The directive has come a time when there are concerns about counties and national governments pending bills hitting the roof with no immediate reliefs in sight for the contractors and suppliers.

COB Margaret Nyakang’o said the consequences were severe and asked counties to avoid accumulating pending bills, despite the challenges they go through.

“They can achieve this by entering into agreements or contracts based on their cash flow availability and budget allocations,” she said.

To mitigate, PPRA has opened an online complaint reporting portal for all contractors, suppliers, service providers and bidders to report complaints including on overdue payments.
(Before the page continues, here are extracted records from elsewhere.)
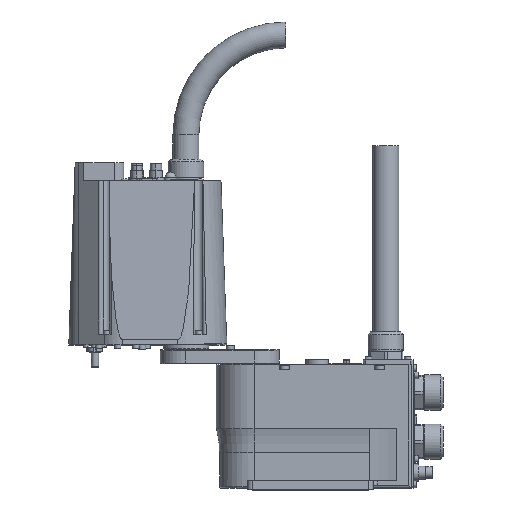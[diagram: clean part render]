
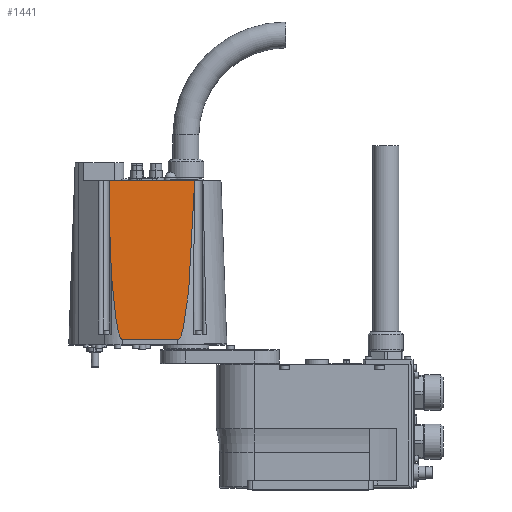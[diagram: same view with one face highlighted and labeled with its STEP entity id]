
A CAD part, top view. The second image highlights one B-rep face of the part: STEP entity #1441.
In plain terms, the highlighted planar face has unit normal (0, 0.035, 0.999).
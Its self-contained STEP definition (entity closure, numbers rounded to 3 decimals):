
#1441 = ADVANCED_FACE( '', ( #4383 ), #4384, .F. );
#4383 = FACE_OUTER_BOUND( '', #7641, .T. );
#4384 = PLANE( '', #7642 );
#7641 = EDGE_LOOP( '', ( #17663, #17664, #17665, #17666, #17667, #17668 ) );
#7642 = AXIS2_PLACEMENT_3D( '', #17669, #17670, #17671 );
#17663 = ORIENTED_EDGE( '', *, *, #22752, .T. );
#17664 = ORIENTED_EDGE( '', *, *, #22753, .T. );
#17665 = ORIENTED_EDGE( '', *, *, #22760, .F. );
#17666 = ORIENTED_EDGE( '', *, *, #22761, .F. );
#17667 = ORIENTED_EDGE( '', *, *, #22723, .F. );
#17668 = ORIENTED_EDGE( '', *, *, #22707, .T. );
#17669 = CARTESIAN_POINT( '', ( 33.8, 157.5, 54.21 ) );
#17670 = DIRECTION( '', ( 0., -0.035, -0.999 ) );
#17671 = DIRECTION( '', ( 0., -0.999, 0.035 ) );
#22707 = EDGE_CURVE( '', #28221, #28219, #28222, .T. );
#22723 = EDGE_CURVE( '', #28221, #28246, #28247, .T. );
#22752 = EDGE_CURVE( '', #28219, #28288, #28290, .T. );
#22753 = EDGE_CURVE( '', #28288, #28291, #28292, .T. );
#22760 = EDGE_CURVE( '', #28302, #28291, #28303, .T. );
#22761 = EDGE_CURVE( '', #28246, #28302, #28304, .T. );
#28219 = VERTEX_POINT( '', #36084 );
#28221 = VERTEX_POINT( '', #36086 );
#28222 = LINE( '', #36087, #36088 );
#28246 = VERTEX_POINT( '', #36173 );
#28247 = ELLIPSE( '', #36174, 1548.243, 54. );
#28288 = VERTEX_POINT( '', #36231 );
#28290 = ELLIPSE( '', #36234, 85.961, 3. );
#28291 = VERTEX_POINT( '', #36235 );
#28292 = LINE( '', #36236, #36237 );
#28302 = VERTEX_POINT( '', #36252 );
#28303 = ELLIPSE( '', #36253, 859.611, 30. );
#28304 = LINE( '', #36254, #36255 );
#36084 = CARTESIAN_POINT( '', ( -158.939, 338.3, 47.896 ) );
#36086 = CARTESIAN_POINT( '', ( -65.359, 338.3, 47.896 ) );
#36087 = CARTESIAN_POINT( '', ( -70.6, 338.3, 47.896 ) );
#36088 = VECTOR( '', #42772, 1. );
#36173 = CARTESIAN_POINT( '', ( -84.21, 163.5, 54. ) );
#36174 = AXIS2_PLACEMENT_3D( '', #42806, #42807, #42808 );
#36231 = CARTESIAN_POINT( '', ( -157.1, 241.074, 51.291 ) );
#36234 = AXIS2_PLACEMENT_3D( '', #42859, #42860, #42861 );
#36235 = CARTESIAN_POINT( '', ( -157.1, 235.221, 51.495 ) );
#36236 = CARTESIAN_POINT( '', ( -157.1, 163.544, 53.998 ) );
#36237 = VECTOR( '', #42862, 1. );
#36252 = CARTESIAN_POINT( '', ( -145.1, 163.5, 54. ) );
#36253 = AXIS2_PLACEMENT_3D( '', #42871, #42872, #42873 );
#36254 = CARTESIAN_POINT( '', ( -25.1, 163.5, 54. ) );
#36255 = VECTOR( '', #42874, 1. );
#42772 = DIRECTION( '', ( -1., 0., 0. ) );
#42806 = CARTESIAN_POINT( '', ( -138.21, 1709.858, 0. ) );
#42807 = DIRECTION( '', ( 0., -0.035, -0.999 ) );
#42808 = DIRECTION( '', ( 0.035, -0.999, 0.035 ) );
#42859 = CARTESIAN_POINT( '', ( -156., 320.999, 48.5 ) );
#42860 = DIRECTION( '', ( 0., 0.035, 0.999 ) );
#42861 = DIRECTION( '', ( 0., -0.999, 0.035 ) );
#42862 = DIRECTION( '', ( 0., -0.999, 0.035 ) );
#42871 = CARTESIAN_POINT( '', ( -145.1, 1022.588, 24. ) );
#42872 = DIRECTION( '', ( 0., -0.035, -0.999 ) );
#42873 = DIRECTION( '', ( 0., -0.999, 0.035 ) );
#42874 = DIRECTION( '', ( -1., 0., 0. ) );

“It is an offence to delay without justifiable cause, payment of contractors beyond the contractual period and contractual performance obligations,” the authority said, stating that it would take “measures on non-compliance without further reference to the procuring entities.”

The authority has further directed state agencies to make prompt and timely payments to contractors.

“The law provides clear sanctions on any delay in the payment of contractors beyond the contractual period and delay in contractual obligations...without any justifiable cause.”

Going forward, PPRA wants all procuring entities to align their payment policy to ensure payments to contractors are done on a first come first served basis.

“Where a procurement proceeding is initiated and progresses into a contract, the funds committed to the contract should not be used for any other purpose,” the circular reads.

The authority wants entities to prioritize settling their pending bills before engaging in other new contractual commitments.

“Accounting officers implementing contracts with financial obligations extending beyond one financial year should ensure that such contracts are adequately budgeted for within the expenditure framework to avoid stalling of projects and delay in payments,” Wanjuki said.

The circular has been copied to the Head of Public Service Felix Koskei, Auditor General Nancy Gathungu, Controller of Budget Margaret Nyakang’o, Treasury PS Chris Kiptoo, and Council of Governors CEO Mary Mwiti.